Angela’s single minded nature mimics that of those employees who crave the song from the machine, entirely dedicated to pursuing this promised song, not caring for any consequences, never stopping to see what she has caused.
In essence, Angela’s quest for the one true book, makes her a slave to the library, being unable to live without it, no more free than completing Ayin’s plan, her single goal, her only motivation to continue living.
I came to a realisation; perhaps the last bullet was meant to puncture no one else but me.
Angela’s single minded desires, her loss of grief, and her sacrifice, both of others and herself, culminate in her taking on the EGO of Der Freischütz;
No matter how many lives would be lost for her ambitions, no matter how many innocents were in the line of her target, she would not hesitate to pull the trigger, to act out the script despite their suffering and to seek the one true book through the pain of others.
This sacrificing of innocents, this selfish act, is mirrored in the Freischütz bargain, their acceptance of this devil’s deal, their sacrifice of all they called beloved, and finally, of their soul.
Though Angela, as a machine, may not have been born with a soul, she is revealed to have one in the finale of lob corp, manifested through her desires to live, through the fragmented remains of her human nature, through her heart.
It is in this where the story of the Freischütz differs, whereas the bullet may have pierced Angela’s heart long ago, her soul was not claimed, she may have lost her humanity as she lived through her torment, yet she was not without emotions, she felt every second of pain, every moment of grief, of agony within these chains, the bullet never removing what she had not originally.
The finale of the Freischütz leaves them alone, without even the devil to whom they lost their soul, alone in the depths of this hell, much the same as Ayin planned for Angela in the end. 
The day I got my hands on this bullet, I sank down upon the ground. Was it despair that the Devil wished for?
In terms of thematics, Angela may resonate much closer to the Schütze, rather that the Freischütz, through the longing, the hope, that one day she may too become the cold machine, uncaring as the Freischütz: Angela, like the Schütze, may have hoped freedom through the loss of their soul, through the freedom brought about by nihilism (note to self, write essay about memento mori by William Woodium).
Not a sliver of impurity is allowed for the mind of those who mourn, it must remain reverent and solemn.

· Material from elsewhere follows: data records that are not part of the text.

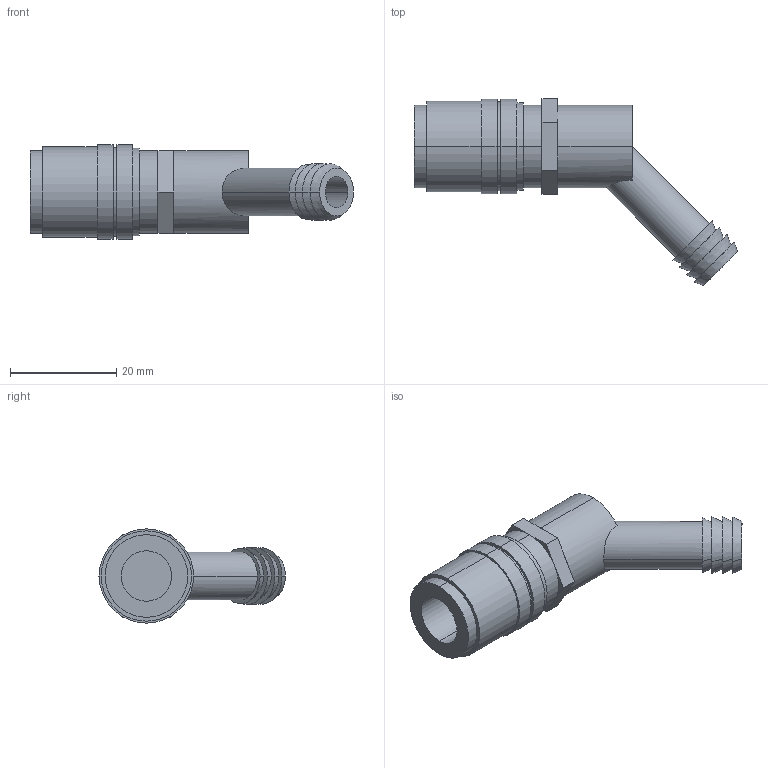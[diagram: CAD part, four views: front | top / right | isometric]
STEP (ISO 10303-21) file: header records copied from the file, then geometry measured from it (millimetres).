
FILE_DESCRIPTION (( 'STEP AP214' ), '1' );
FILE_NAME ('BR802-09-45.STEP', '2020-06-23T09:24:52', ( '' ), ( '' ), 'SwSTEP 2.0', 'SolidWorks 2018', '' );
FILE_SCHEMA (( 'AUTOMOTIVE_DESIGN' ));
Length unit declared in the file: millimetre
Products named in the file (1): BR802-09-45
Bounding box: 60.8 x 35.16 x 17.76 mm (x, y, z)
Volume: 7692 mm3; surface area: 4841.1 mm2
Topology: 1 solids, 1 shells, 54 faces, 114 edges, 76 vertices
Faces by surface type: cylinder 23, plane 23, cone 8
Entity records: 1564 total; most frequent: CARTESIAN_POINT 319, DIRECTION 274, ORIENTED_EDGE 228, EDGE_CURVE 114, AXIS2_PLACEMENT_3D 113, VERTEX_POINT 76, EDGE_LOOP 68, CIRCLE 58
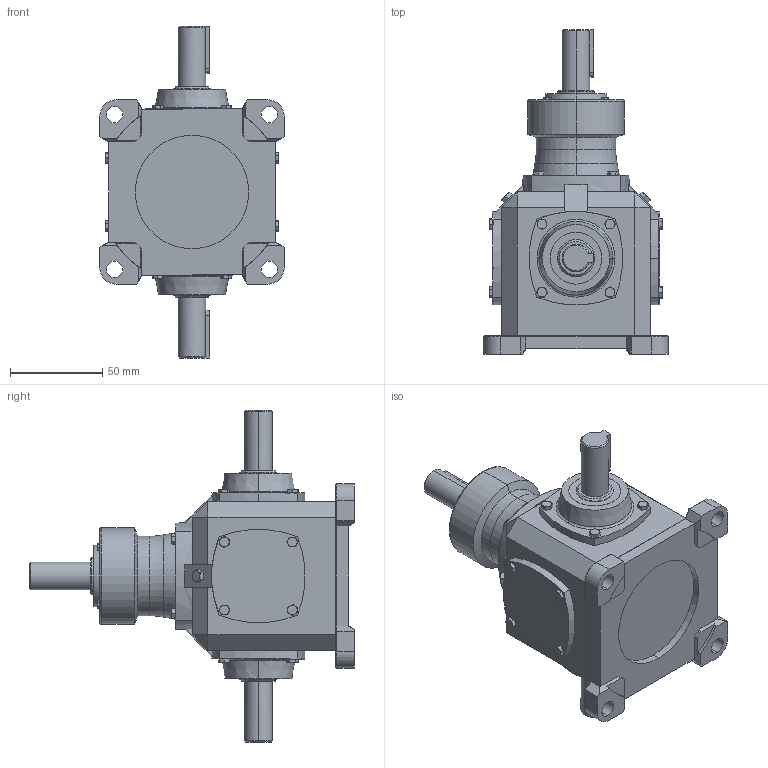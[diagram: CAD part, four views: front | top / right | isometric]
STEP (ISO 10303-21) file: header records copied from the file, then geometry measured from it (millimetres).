
FILE_DESCRIPTION (( 'STEP AP203' ), '1' );
FILE_NAME ('TC2-1-WS1-V4.step', '2018-07-13T04:05:14', ( 'IT Division' ), ( 'IT' ), 'SwSTEP 2.0', 'SolidWorks 2016', '' );
FILE_SCHEMA (( 'CONFIG_CONTROL_DESIGN' ));
Length unit declared in the file: millimetre
Products named in the file (1): TC2-1-WS1-V4
Bounding box: 100 x 176 x 180 mm (x, y, z)
Volume: 733120.2 mm3; surface area: 77894.6 mm2
Topology: 2 solids, 2 shells, 588 faces, 1399 edges, 854 vertices
Faces by surface type: plane 284, cone 199, cylinder 93, torus 12
Entity records: 17601 total; most frequent: CARTESIAN_POINT 4447, ORIENTED_EDGE 2798, DIRECTION 2593, EDGE_CURVE 1399, AXIS2_PLACEMENT_3D 970, VERTEX_POINT 854, LINE 653, VECTOR 653
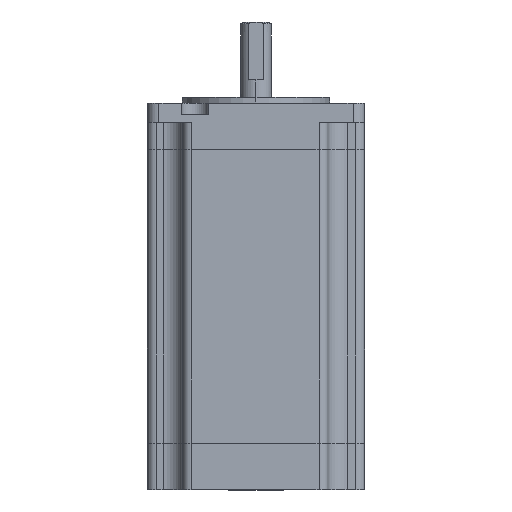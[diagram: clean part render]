
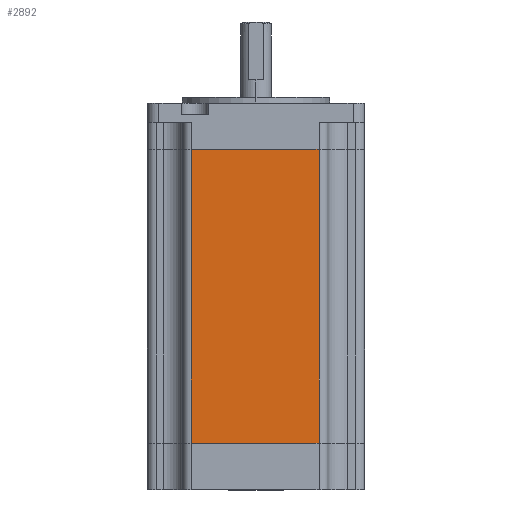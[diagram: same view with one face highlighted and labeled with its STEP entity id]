
A CAD part, top view. The second image highlights one B-rep face of the part: STEP entity #2892.
In plain terms, the highlighted planar face has unit normal (0, 0, 1).
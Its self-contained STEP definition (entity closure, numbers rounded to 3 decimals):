
#193 = PLANE ( 'NONE',  #4783 ) ;
#256 = LINE ( 'NONE', #5005, #1317 ) ;
#295 = VECTOR ( 'NONE', #1182, 1000. ) ;
#361 = EDGE_CURVE ( 'NONE', #3497, #2616, #256, .T. ) ;
#530 = VECTOR ( 'NONE', #2309, 1000. ) ;
#581 = CARTESIAN_POINT ( 'NONE',  ( 25.1, -7.001, 28.1 ) ) ;
#925 = CARTESIAN_POINT ( 'NONE',  ( 16.3, -7.001, 28.1 ) ) ;
#1155 = CARTESIAN_POINT ( 'NONE',  ( 25.1, 5., 28.1 ) ) ;
#1182 = DIRECTION ( 'NONE',  ( 0., 1., 0. ) ) ;
#1317 = VECTOR ( 'NONE', #3556, 1000. ) ;
#1345 = ORIENTED_EDGE ( 'NONE', *, *, #2566, .F. ) ;
#1438 = VERTEX_POINT ( 'NONE', #925 ) ;
#2002 = LINE ( 'NONE', #6137, #295 ) ;
#2309 = DIRECTION ( 'NONE',  ( 0., 1., 0. ) ) ;
#2405 = EDGE_CURVE ( 'NONE', #3497, #1438, #6266, .T. ) ;
#2470 = FACE_OUTER_BOUND ( 'NONE', #2938, .T. ) ;
#2566 = EDGE_CURVE ( 'NONE', #2616, #3702, #2002, .T. ) ;
#2616 = VERTEX_POINT ( 'NONE', #4687 ) ;
#2670 = ORIENTED_EDGE ( 'NONE', *, *, #361, .F. ) ;
#2892 = ADVANCED_FACE ( 'NONE', ( #2470 ), #193, .F. ) ;
#2938 = EDGE_LOOP ( 'NONE', ( #2670, #4528, #4546, #1345 ) ) ;
#3497 = VERTEX_POINT ( 'NONE', #4212 ) ;
#3556 = DIRECTION ( 'NONE',  ( -1., 0., 0. ) ) ;
#3646 = DIRECTION ( 'NONE',  ( -1., 0., 0. ) ) ;
#3702 = VERTEX_POINT ( 'NONE', #4842 ) ;
#4180 = EDGE_CURVE ( 'NONE', #3702, #1438, #4672, .T. ) ;
#4212 = CARTESIAN_POINT ( 'NONE',  ( 16.3, -82.99, 28.1 ) ) ;
#4229 = CARTESIAN_POINT ( 'NONE',  ( 16.3, -95., 28.1 ) ) ;
#4520 = DIRECTION ( 'NONE',  ( 1., 0., 0. ) ) ;
#4528 = ORIENTED_EDGE ( 'NONE', *, *, #2405, .T. ) ;
#4546 = ORIENTED_EDGE ( 'NONE', *, *, #4180, .F. ) ;
#4672 = LINE ( 'NONE', #581, #5051 ) ;
#4687 = CARTESIAN_POINT ( 'NONE',  ( -16.7, -82.99, 28.1 ) ) ;
#4783 = AXIS2_PLACEMENT_3D ( 'NONE', #1155, #6047, #3646 ) ;
#4842 = CARTESIAN_POINT ( 'NONE',  ( -16.7, -7.001, 28.1 ) ) ;
#5005 = CARTESIAN_POINT ( 'NONE',  ( 25.1, -82.99, 28.1 ) ) ;
#5051 = VECTOR ( 'NONE', #4520, 1000. ) ;
#6047 = DIRECTION ( 'NONE',  ( 0., 0., -1. ) ) ;
#6137 = CARTESIAN_POINT ( 'NONE',  ( -16.7, -95., 28.1 ) ) ;
#6266 = LINE ( 'NONE', #4229, #530 ) ;
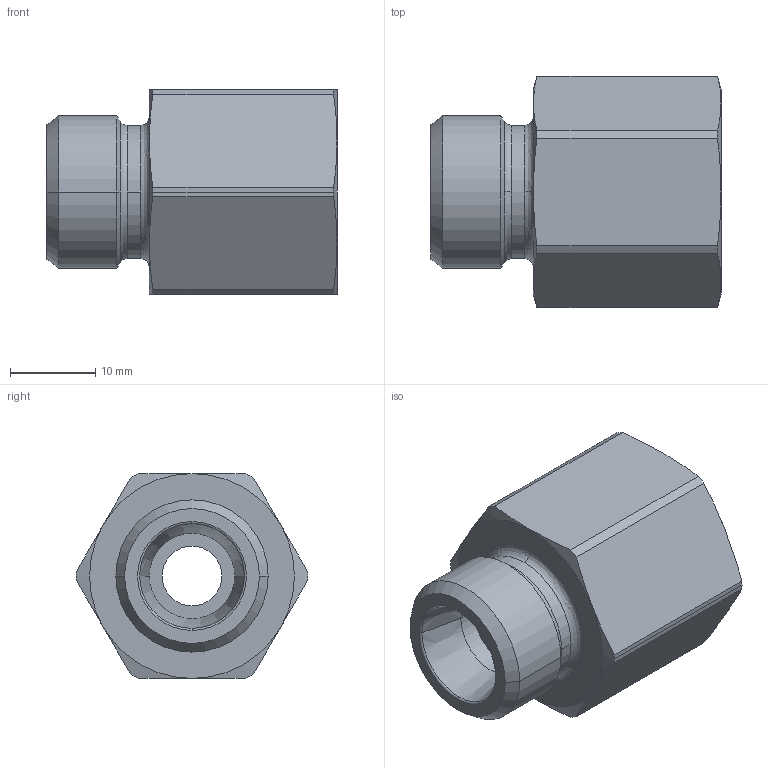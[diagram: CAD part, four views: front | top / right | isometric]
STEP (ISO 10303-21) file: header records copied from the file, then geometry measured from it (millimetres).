
FILE_DESCRIPTION((''),'2;1');
FILE_NAME('100716.stp','2007-10-30T15:10:15',(''),(''),'AutoCAD STEP 2000i','AutoCAD 2000i',', , ');
FILE_SCHEMA(('CONFIG_CONTROL_DESIGN'));
Length unit declared in the file: millimetre
Products named in the file (2): 100716.0; CHIAVE SMUSSATA#0
Assembly tree (1 placements, depth 2):
  100716.0
    CHIAVE SMUSSATA#0
Bounding box: 34 x 27.1 x 24 mm (x, y, z)
Volume: 9425.6 mm3; surface area: 4553.5 mm2
Topology: 1 solids, 1 shells, 56 faces, 134 edges, 82 vertices
Faces by surface type: cone 22, cylinder 18, plane 10, bspline 4, torus 2
Entity records: 1887 total; most frequent: CARTESIAN_POINT 498, DIRECTION 294, ORIENTED_EDGE 268, EDGE_CURVE 134, AXIS2_PLACEMENT_3D 130, VERTEX_POINT 82, CIRCLE 76, EDGE_LOOP 60
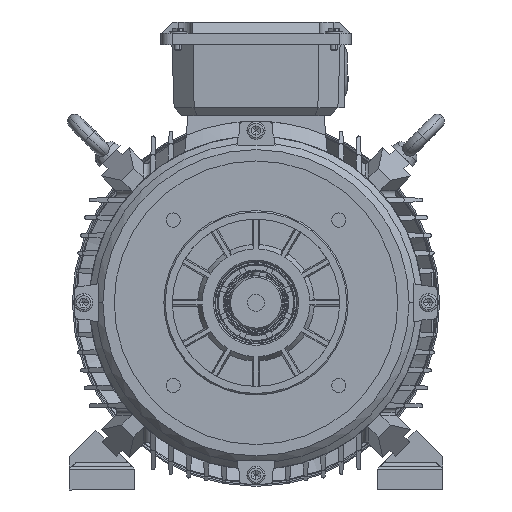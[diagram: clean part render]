
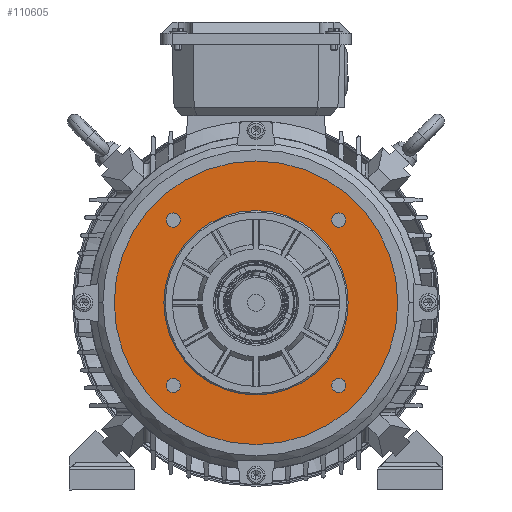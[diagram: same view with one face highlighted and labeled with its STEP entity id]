
A CAD part, left-side view. The second image highlights one B-rep face of the part: STEP entity #110605.
In plain terms, the highlighted planar face has unit normal (-1, 0, 0).
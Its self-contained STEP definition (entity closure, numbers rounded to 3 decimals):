
#1004 = EDGE_CURVE ( 'NONE', #58092, #160758, #50199, .T. ) ;
#2952 = DIRECTION ( 'NONE',  ( 0., 1., 0. ) ) ;
#4536 = AXIS2_PLACEMENT_3D ( 'NONE', #142350, #75227, #128565 ) ;
#5974 = EDGE_CURVE ( 'NONE', #38966, #150610, #55224, .T. ) ;
#9150 = EDGE_LOOP ( 'NONE', ( #42024, #62371 ) ) ;
#9789 = DIRECTION ( 'NONE',  ( -1., 0., 0. ) ) ;
#10169 = AXIS2_PLACEMENT_3D ( 'NONE', #136013, #147396, #122210 ) ;
#10292 = CARTESIAN_POINT ( 'NONE',  ( -156.49, -66.26, -60.325 ) ) ;
#10519 = CARTESIAN_POINT ( 'NONE',  ( -156.49, -66.26, 56.348 ) ) ;
#11393 = ORIENTED_EDGE ( 'NONE', *, *, #5974, .F. ) ;
#11746 = CARTESIAN_POINT ( 'NONE',  ( -156.49, -2.924, -101.988 ) ) ;
#13303 = ORIENTED_EDGE ( 'NONE', *, *, #21399, .F. ) ;
#16739 = DIRECTION ( 'NONE',  ( -1., 0., 0. ) ) ;
#17602 = CARTESIAN_POINT ( 'NONE',  ( -156.49, -61.26, 56.348 ) ) ;
#20164 = AXIS2_PLACEMENT_3D ( 'NONE', #30570, #22378, #131228 ) ;
#21399 = EDGE_CURVE ( 'NONE', #115207, #34833, #22394, .T. ) ;
#22315 = FACE_BOUND ( 'NONE', #48614, .T. ) ;
#22378 = DIRECTION ( 'NONE',  ( -1., 0., 0. ) ) ;
#22394 = CIRCLE ( 'NONE', #95066, 5. ) ;
#26369 = EDGE_LOOP ( 'NONE', ( #13303, #122876 ) ) ;
#29807 = CARTESIAN_POINT ( 'NONE',  ( -156.49, 50.413, -60.325 ) ) ;
#30284 = DIRECTION ( 'NONE',  ( 0., 1., 0. ) ) ;
#30570 = CARTESIAN_POINT ( 'NONE',  ( -156.49, 55.413, 56.348 ) ) ;
#31591 = DIRECTION ( 'NONE',  ( -1., 0., 0. ) ) ;
#33301 = ORIENTED_EDGE ( 'NONE', *, *, #158707, .T. ) ;
#34833 = VERTEX_POINT ( 'NONE', #10519 ) ;
#35733 = DIRECTION ( 'NONE',  ( 0., 1., 0. ) ) ;
#38539 = DIRECTION ( 'NONE',  ( -1., 0., 0. ) ) ;
#38966 = VERTEX_POINT ( 'NONE', #155058 ) ;
#41188 = AXIS2_PLACEMENT_3D ( 'NONE', #124486, #115487, #126889 ) ;
#42024 = ORIENTED_EDGE ( 'NONE', *, *, #147589, .F. ) ;
#42963 = DIRECTION ( 'NONE',  ( 0., 1., 0. ) ) ;
#48614 = EDGE_LOOP ( 'NONE', ( #120697, #151937 ) ) ;
#49061 = DIRECTION ( 'NONE',  ( 0., 0., -1. ) ) ;
#49438 = AXIS2_PLACEMENT_3D ( 'NONE', #140952, #16739, #2952 ) ;
#50199 = CIRCLE ( 'NONE', #117687, 5. ) ;
#50383 = CIRCLE ( 'NONE', #148938, 65. ) ;
#52325 = CARTESIAN_POINT ( 'NONE',  ( -156.49, 55.413, -60.325 ) ) ;
#53777 = EDGE_LOOP ( 'NONE', ( #33301, #155761 ) ) ;
#54178 = CIRCLE ( 'NONE', #41188, 65. ) ;
#54376 = CARTESIAN_POINT ( 'NONE',  ( -156.49, 55.413, 56.348 ) ) ;
#55224 = CIRCLE ( 'NONE', #60442, 5. ) ;
#55286 = EDGE_CURVE ( 'NONE', #34833, #115207, #117132, .T. ) ;
#58092 = VERTEX_POINT ( 'NONE', #29807 ) ;
#59680 = FACE_BOUND ( 'NONE', #80221, .T. ) ;
#60442 = AXIS2_PLACEMENT_3D ( 'NONE', #73878, #9789, #35733 ) ;
#60673 = DIRECTION ( 'NONE',  ( -1., 0., 0. ) ) ;
#61439 = AXIS2_PLACEMENT_3D ( 'NONE', #134823, #82087, #156815 ) ;
#62371 = ORIENTED_EDGE ( 'NONE', *, *, #144342, .F. ) ;
#63442 = EDGE_CURVE ( 'NONE', #160758, #58092, #126466, .T. ) ;
#67687 = CIRCLE ( 'NONE', #49438, 5. ) ;
#67926 = AXIS2_PLACEMENT_3D ( 'NONE', #11746, #145766, #49061 ) ;
#69222 = CIRCLE ( 'NONE', #82158, 5. ) ;
#71852 = FACE_BOUND ( 'NONE', #26369, .T. ) ;
#73878 = CARTESIAN_POINT ( 'NONE',  ( -156.49, -61.26, -60.325 ) ) ;
#74515 = CIRCLE ( 'NONE', #20164, 5. ) ;
#75227 = DIRECTION ( 'NONE',  ( -1., 0., 0. ) ) ;
#75256 = EDGE_LOOP ( 'NONE', ( #11393, #94670 ) ) ;
#76132 = CARTESIAN_POINT ( 'NONE',  ( -156.49, 62.076, -1.988 ) ) ;
#77881 = CARTESIAN_POINT ( 'NONE',  ( -156.49, 60.413, -60.325 ) ) ;
#80221 = EDGE_LOOP ( 'NONE', ( #94807, #124811 ) ) ;
#80779 = EDGE_CURVE ( 'NONE', #104759, #151089, #74515, .T. ) ;
#82087 = DIRECTION ( 'NONE',  ( -1., 0., 0. ) ) ;
#82158 = AXIS2_PLACEMENT_3D ( 'NONE', #54376, #31591, #42963 ) ;
#84001 = FACE_BOUND ( 'NONE', #9150, .T. ) ;
#85889 = AXIS2_PLACEMENT_3D ( 'NONE', #17602, #128834, #159989 ) ;
#87921 = CIRCLE ( 'NONE', #10169, 100. ) ;
#93500 = VERTEX_POINT ( 'NONE', #76132 ) ;
#94670 = ORIENTED_EDGE ( 'NONE', *, *, #102286, .F. ) ;
#94807 = ORIENTED_EDGE ( 'NONE', *, *, #63442, .F. ) ;
#95066 = AXIS2_PLACEMENT_3D ( 'NONE', #114793, #60673, #110140 ) ;
#98940 = VERTEX_POINT ( 'NONE', #143943 ) ;
#99123 = CARTESIAN_POINT ( 'NONE',  ( -156.49, 97.076, -1.988 ) ) ;
#102286 = EDGE_CURVE ( 'NONE', #150610, #38966, #67687, .T. ) ;
#104759 = VERTEX_POINT ( 'NONE', #149994 ) ;
#110140 = DIRECTION ( 'NONE',  ( 0., 1., 0. ) ) ;
#110605 = ADVANCED_FACE ( 'NONE', ( #144956, #71852, #22315, #59680, #160324, #84001 ), #146553, .F. ) ;
#114793 = CARTESIAN_POINT ( 'NONE',  ( -156.49, -61.26, 56.348 ) ) ;
#115207 = VERTEX_POINT ( 'NONE', #155286 ) ;
#115487 = DIRECTION ( 'NONE',  ( -1., 0., 0. ) ) ;
#116605 = VERTEX_POINT ( 'NONE', #134712 ) ;
#117132 = CIRCLE ( 'NONE', #85889, 5. ) ;
#117687 = AXIS2_PLACEMENT_3D ( 'NONE', #52325, #38539, #125421 ) ;
#120697 = ORIENTED_EDGE ( 'NONE', *, *, #158857, .F. ) ;
#120907 = EDGE_CURVE ( 'NONE', #98940, #150173, #87921, .T. ) ;
#122210 = DIRECTION ( 'NONE',  ( 0., 1., 0. ) ) ;
#122876 = ORIENTED_EDGE ( 'NONE', *, *, #55286, .F. ) ;
#124486 = CARTESIAN_POINT ( 'NONE',  ( -156.49, -2.924, -1.988 ) ) ;
#124811 = ORIENTED_EDGE ( 'NONE', *, *, #1004, .F. ) ;
#125421 = DIRECTION ( 'NONE',  ( 0., 1., 0. ) ) ;
#126466 = CIRCLE ( 'NONE', #4536, 5. ) ;
#126889 = DIRECTION ( 'NONE',  ( 0., 1., 0. ) ) ;
#127749 = CARTESIAN_POINT ( 'NONE',  ( -156.49, -2.924, -1.988 ) ) ;
#128565 = DIRECTION ( 'NONE',  ( 0., 1., 0. ) ) ;
#128834 = DIRECTION ( 'NONE',  ( -1., 0., 0. ) ) ;
#130751 = CARTESIAN_POINT ( 'NONE',  ( -156.49, 60.413, 56.348 ) ) ;
#131228 = DIRECTION ( 'NONE',  ( 0., 1., 0. ) ) ;
#134712 = CARTESIAN_POINT ( 'NONE',  ( -156.49, -67.924, -1.988 ) ) ;
#134823 = CARTESIAN_POINT ( 'NONE',  ( -156.49, -2.924, -1.988 ) ) ;
#136013 = CARTESIAN_POINT ( 'NONE',  ( -156.49, -2.924, -1.988 ) ) ;
#140952 = CARTESIAN_POINT ( 'NONE',  ( -156.49, -61.26, -60.325 ) ) ;
#142350 = CARTESIAN_POINT ( 'NONE',  ( -156.49, 55.413, -60.325 ) ) ;
#143943 = CARTESIAN_POINT ( 'NONE',  ( -156.49, -102.924, -1.988 ) ) ;
#144342 = EDGE_CURVE ( 'NONE', #116605, #93500, #50383, .T. ) ;
#144956 = FACE_OUTER_BOUND ( 'NONE', #53777, .T. ) ;
#145766 = DIRECTION ( 'NONE',  ( 1., 0., 0. ) ) ;
#146553 = PLANE ( 'NONE',  #67926 ) ;
#147396 = DIRECTION ( 'NONE',  ( -1., 0., 0. ) ) ;
#147589 = EDGE_CURVE ( 'NONE', #93500, #116605, #54178, .T. ) ;
#148938 = AXIS2_PLACEMENT_3D ( 'NONE', #127749, #153708, #30284 ) ;
#149535 = CIRCLE ( 'NONE', #61439, 100. ) ;
#149994 = CARTESIAN_POINT ( 'NONE',  ( -156.49, 50.413, 56.348 ) ) ;
#150173 = VERTEX_POINT ( 'NONE', #99123 ) ;
#150610 = VERTEX_POINT ( 'NONE', #10292 ) ;
#151089 = VERTEX_POINT ( 'NONE', #130751 ) ;
#151937 = ORIENTED_EDGE ( 'NONE', *, *, #80779, .F. ) ;
#153708 = DIRECTION ( 'NONE',  ( -1., 0., 0. ) ) ;
#155058 = CARTESIAN_POINT ( 'NONE',  ( -156.49, -56.26, -60.325 ) ) ;
#155286 = CARTESIAN_POINT ( 'NONE',  ( -156.49, -56.26, 56.348 ) ) ;
#155761 = ORIENTED_EDGE ( 'NONE', *, *, #120907, .T. ) ;
#156815 = DIRECTION ( 'NONE',  ( 0., 1., 0. ) ) ;
#158707 = EDGE_CURVE ( 'NONE', #150173, #98940, #149535, .T. ) ;
#158857 = EDGE_CURVE ( 'NONE', #151089, #104759, #69222, .T. ) ;
#159989 = DIRECTION ( 'NONE',  ( 0., 1., 0. ) ) ;
#160324 = FACE_BOUND ( 'NONE', #75256, .T. ) ;
#160758 = VERTEX_POINT ( 'NONE', #77881 ) ;

The Rationality to Maintain Discretion:
Gabriel: We thought relying on emotion wouldn’t help a thing. However, it became clear that to accept sadness was just as important. The false rationality we held and clung to only made our hearts rot. It is hard to accept at first. You’ll feel like you’d crumble in. But it’ll get better, I’m sure of it. - Yesod
Following Elijah's Death in the events before Lobotomy Corporation, Gabriel, now Yesod, suppressed himself, leaving only his rationality in stead of his emotions.
Gabriel began to be obsessed with safety, compulsively covering every part of his skin except for his head, ensuring that all rules must be followed perfectly, hoping that these rational precautions will be enough to prevent further death.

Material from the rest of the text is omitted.